Instructions to follow
Give back exactly the lines from the line that contains "#46843=CARTESIAN_POINT('',(-262.,-285.,-220.));" to the last line of the listing below, inclusive, and no others.

Entries shown
---------------

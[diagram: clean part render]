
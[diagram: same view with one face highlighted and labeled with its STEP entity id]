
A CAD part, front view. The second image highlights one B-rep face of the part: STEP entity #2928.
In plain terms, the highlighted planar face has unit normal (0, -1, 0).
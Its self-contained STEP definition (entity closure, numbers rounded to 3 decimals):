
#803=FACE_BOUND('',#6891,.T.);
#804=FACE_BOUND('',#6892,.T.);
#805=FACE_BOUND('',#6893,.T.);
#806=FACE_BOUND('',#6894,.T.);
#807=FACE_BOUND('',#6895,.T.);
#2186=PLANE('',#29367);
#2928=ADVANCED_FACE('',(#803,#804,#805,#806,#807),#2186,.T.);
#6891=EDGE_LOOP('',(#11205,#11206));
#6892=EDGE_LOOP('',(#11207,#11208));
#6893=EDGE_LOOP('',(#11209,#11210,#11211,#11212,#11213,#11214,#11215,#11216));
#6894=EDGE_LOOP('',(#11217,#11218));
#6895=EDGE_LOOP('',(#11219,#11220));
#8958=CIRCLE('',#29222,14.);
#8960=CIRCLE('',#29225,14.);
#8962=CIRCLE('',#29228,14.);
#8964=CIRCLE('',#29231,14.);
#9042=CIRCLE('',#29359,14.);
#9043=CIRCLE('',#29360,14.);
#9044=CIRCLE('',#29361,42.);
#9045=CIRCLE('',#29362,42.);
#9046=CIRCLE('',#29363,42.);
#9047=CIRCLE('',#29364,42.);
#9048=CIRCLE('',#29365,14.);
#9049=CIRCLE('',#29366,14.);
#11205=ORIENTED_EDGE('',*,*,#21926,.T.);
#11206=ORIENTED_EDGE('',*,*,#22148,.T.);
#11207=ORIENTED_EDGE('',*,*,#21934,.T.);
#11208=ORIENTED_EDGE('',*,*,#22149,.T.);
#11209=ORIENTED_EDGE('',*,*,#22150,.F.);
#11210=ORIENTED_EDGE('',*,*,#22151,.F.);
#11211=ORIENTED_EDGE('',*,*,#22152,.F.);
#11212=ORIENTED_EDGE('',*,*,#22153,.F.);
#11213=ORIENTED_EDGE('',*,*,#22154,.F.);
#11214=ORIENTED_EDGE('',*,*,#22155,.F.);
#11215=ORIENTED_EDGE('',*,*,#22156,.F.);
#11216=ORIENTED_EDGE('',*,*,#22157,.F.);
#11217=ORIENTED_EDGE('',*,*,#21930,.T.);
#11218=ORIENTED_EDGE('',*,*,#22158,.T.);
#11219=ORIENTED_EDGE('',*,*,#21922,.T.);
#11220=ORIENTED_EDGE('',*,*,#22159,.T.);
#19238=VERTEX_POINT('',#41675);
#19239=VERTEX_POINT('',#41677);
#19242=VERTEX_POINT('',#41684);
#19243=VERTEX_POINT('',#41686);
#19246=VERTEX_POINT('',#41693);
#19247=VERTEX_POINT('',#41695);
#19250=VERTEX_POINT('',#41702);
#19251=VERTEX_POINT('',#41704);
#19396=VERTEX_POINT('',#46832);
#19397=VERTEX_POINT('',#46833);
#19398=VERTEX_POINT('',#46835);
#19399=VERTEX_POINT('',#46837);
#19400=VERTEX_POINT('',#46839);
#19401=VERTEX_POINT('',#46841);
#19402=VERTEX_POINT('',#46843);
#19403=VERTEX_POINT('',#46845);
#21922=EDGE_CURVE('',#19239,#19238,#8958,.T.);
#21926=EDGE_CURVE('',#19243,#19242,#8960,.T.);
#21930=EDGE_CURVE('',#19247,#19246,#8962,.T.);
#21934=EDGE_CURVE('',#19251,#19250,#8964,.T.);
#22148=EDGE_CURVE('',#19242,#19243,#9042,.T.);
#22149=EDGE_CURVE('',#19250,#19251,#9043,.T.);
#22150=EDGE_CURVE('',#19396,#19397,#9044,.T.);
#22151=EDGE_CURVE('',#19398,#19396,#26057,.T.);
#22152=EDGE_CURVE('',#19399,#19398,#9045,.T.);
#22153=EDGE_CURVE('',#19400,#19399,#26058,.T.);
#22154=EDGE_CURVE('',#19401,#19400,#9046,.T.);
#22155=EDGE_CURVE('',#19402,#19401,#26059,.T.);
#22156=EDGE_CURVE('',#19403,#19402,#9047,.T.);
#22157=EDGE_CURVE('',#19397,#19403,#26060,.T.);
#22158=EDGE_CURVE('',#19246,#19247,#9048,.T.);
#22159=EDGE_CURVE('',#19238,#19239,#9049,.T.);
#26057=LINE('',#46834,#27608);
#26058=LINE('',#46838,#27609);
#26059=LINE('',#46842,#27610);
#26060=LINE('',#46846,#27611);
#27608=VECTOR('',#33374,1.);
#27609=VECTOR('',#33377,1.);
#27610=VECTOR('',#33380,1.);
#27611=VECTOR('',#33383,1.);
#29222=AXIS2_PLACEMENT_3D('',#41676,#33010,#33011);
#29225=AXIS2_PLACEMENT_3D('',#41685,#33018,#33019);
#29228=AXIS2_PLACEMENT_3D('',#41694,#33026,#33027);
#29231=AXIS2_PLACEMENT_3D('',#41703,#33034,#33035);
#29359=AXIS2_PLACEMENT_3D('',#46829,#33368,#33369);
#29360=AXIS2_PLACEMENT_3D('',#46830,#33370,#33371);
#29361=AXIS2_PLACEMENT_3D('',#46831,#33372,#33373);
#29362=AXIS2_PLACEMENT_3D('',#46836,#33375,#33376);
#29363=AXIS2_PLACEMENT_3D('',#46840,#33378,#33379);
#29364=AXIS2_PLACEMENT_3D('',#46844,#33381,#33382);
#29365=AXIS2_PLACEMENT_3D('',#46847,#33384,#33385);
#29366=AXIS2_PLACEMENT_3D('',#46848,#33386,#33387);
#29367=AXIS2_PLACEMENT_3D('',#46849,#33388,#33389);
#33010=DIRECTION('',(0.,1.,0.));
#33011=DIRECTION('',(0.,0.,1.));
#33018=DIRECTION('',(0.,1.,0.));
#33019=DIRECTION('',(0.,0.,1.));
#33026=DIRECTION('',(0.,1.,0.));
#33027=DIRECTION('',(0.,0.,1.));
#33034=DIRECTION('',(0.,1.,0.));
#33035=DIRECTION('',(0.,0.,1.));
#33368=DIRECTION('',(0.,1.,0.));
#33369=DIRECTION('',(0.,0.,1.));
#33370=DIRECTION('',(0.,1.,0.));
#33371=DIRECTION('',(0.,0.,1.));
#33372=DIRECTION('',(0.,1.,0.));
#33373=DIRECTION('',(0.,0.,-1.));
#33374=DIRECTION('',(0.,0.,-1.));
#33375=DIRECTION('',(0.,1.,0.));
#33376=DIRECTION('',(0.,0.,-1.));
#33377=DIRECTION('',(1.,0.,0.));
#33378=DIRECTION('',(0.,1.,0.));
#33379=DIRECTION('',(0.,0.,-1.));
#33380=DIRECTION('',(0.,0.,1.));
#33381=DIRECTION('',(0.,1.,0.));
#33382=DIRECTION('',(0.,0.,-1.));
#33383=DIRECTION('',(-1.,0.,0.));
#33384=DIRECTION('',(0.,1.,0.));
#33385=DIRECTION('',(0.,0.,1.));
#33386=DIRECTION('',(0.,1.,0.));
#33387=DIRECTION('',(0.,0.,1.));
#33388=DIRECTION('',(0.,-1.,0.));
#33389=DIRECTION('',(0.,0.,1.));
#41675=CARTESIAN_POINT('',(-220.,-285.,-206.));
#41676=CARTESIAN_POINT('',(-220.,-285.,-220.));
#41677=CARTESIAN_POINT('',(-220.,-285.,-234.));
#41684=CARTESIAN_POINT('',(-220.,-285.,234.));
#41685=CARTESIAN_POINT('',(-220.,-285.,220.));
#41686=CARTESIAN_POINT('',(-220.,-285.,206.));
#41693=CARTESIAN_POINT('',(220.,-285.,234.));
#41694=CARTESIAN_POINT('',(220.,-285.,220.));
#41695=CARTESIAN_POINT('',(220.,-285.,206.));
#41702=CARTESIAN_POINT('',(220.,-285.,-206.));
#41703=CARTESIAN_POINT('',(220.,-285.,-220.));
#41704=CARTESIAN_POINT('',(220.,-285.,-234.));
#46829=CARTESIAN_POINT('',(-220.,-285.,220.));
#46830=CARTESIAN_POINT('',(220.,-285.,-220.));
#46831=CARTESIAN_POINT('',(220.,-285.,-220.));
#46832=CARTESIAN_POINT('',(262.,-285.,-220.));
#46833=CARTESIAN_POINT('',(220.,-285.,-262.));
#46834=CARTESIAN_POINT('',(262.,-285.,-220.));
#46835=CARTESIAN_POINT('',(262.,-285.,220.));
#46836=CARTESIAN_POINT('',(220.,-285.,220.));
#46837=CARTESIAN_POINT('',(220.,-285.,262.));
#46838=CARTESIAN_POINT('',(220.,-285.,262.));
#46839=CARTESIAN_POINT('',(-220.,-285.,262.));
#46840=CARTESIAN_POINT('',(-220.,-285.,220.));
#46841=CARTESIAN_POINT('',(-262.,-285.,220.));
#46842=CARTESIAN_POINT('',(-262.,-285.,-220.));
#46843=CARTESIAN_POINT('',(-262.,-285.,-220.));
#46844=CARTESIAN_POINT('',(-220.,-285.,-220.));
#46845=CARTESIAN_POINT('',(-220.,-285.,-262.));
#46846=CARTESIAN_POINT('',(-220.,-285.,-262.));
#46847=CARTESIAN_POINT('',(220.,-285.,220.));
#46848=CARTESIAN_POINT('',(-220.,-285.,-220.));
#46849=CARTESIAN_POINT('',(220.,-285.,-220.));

---------------

Response
#46843=CARTESIAN_POINT('',(-262.,-285.,-220.));
#46844=CARTESIAN_POINT('',(-220.,-285.,-220.));
#46845=CARTESIAN_POINT('',(-220.,-285.,-262.));
#46846=CARTESIAN_POINT('',(-220.,-285.,-262.));
#46847=CARTESIAN_POINT('',(220.,-285.,220.));
#46848=CARTESIAN_POINT('',(-220.,-285.,-220.));
#46849=CARTESIAN_POINT('',(220.,-285.,-220.));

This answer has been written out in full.